Некоторые получали посылки. Я редко, но все же могла «угостить» хоть раз в год нужных или милых мне людей. То, что необходимо угостить нужных, я поняла сразу. Это давало шанс на дальнейшее покровительство, в котором я все-таки нуждалась в бытовых лагерях, не имея юридического права на облегченный труд по «статейным признакам».
Получающие посылки вообще уважались, как и до сих пор в нашем обществе уважаются люди богатые. Работяга «угощал» нарядчика и бригадира, придурок — свое начальство и милых ему людей. «Я с ним кушаю» (или «с ней») — это была формула лагерной дружбы. К посылкам относились как к самому ценному имуществу, хранили их в каптерках. Одна папироса из посылки — тоже считалась угощением. При получении посылки надо было точно рассчитать, кому что дать.
В голод блатяки за посылки нашего брата убивали. Особенно страдали латыши и литовцы, которые получали их постоянно, почти никогда не съедая сами.
Угощая из своих посылок, кого следует или кого очень жаль, я однако избегала брать у больных. Разве кто уж очень радушно потчует! Бывало — как сестре-придурку принесут кусочек сала или папиросы: «Напрасный заряд! Будет вам плохо, я и так помогу, будет мне худо, может быть сама попрошу, а пока кушайте сами!». Очень была растрогана, когда блатной принес мне кусочек сала и, уже зная меня, сказал: «Это не ворованное, вот ей Богу, из дому мне самому прислали!».
За восемь лет моего заключения голод косил людей до конца сорок девятого года. Но еще были силикоз и туберкулез.
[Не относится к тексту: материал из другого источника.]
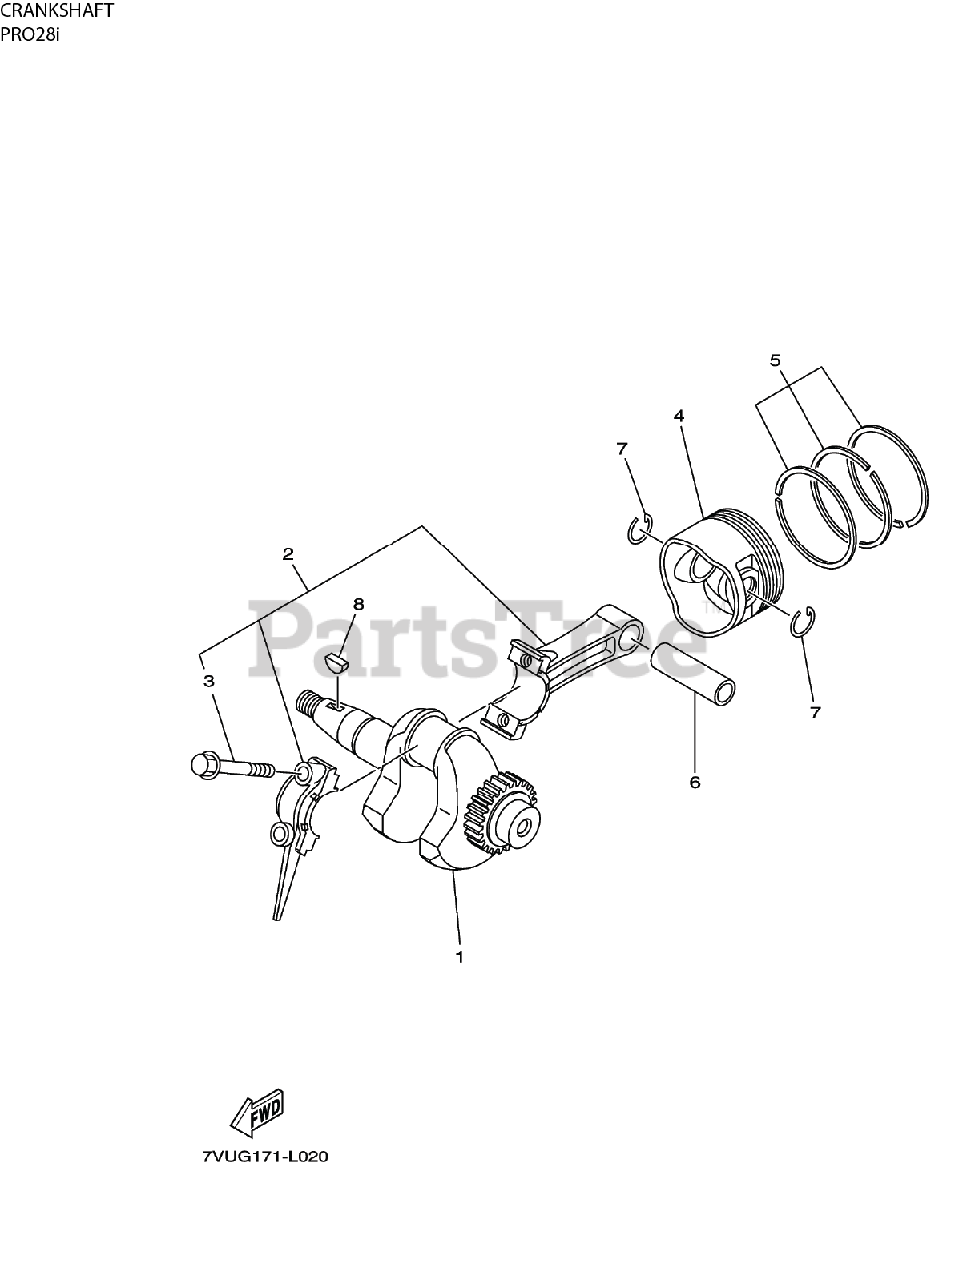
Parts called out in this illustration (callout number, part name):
1	CAMSHAFT ASSEMBLY
2	ROD ASSEMBLY, CONNECTING
3	SCREW - BOLT CONNECTING ROD
4	PISTON (0.50MM O/S)
4	PISTON (0.25MM O/S)
4	PISTON (STD)
5	PISTON RING SET
6	PIN, PISTON
7	RETAINER, CIRCLIP
8	KEY, WOODRUFF

Умер Саша Козловский, казак, военнопленный, знавший мужа моего, и поэтому мне особенно дорогой. Его гибель от скоротечного туберкулеза ускорила, а быть может и вызвала, ошибка врача, назначившего ему «круговые банки». Мы скрывали от Саши, что умирает и от чего. Он же, догадываясь, все предостерегал меня от заражения. Тогда, чтоб он нам поверил, я ела с ним с одной ложечки мороженое, которое чудом и за большие деньги схлопотал однажды в зонный ларек Алексей Петрович. Я выйдя из палаты, промыла горло, немного волнуясь: все-таки! И ничего! Так же как с сифилитичкой, милосердие было вознаграждено. Саша был первым трупом, анатомируемым на моих глазах. Среди сотен других умер от скоротечной формы Володя Крейн, русский немец. Вызванная на вахту, я рассказывала его отцу, инженеру-поселенцу о последних минутах сына единственного, и буквально на моих глазах волосы отца покрывались сединою.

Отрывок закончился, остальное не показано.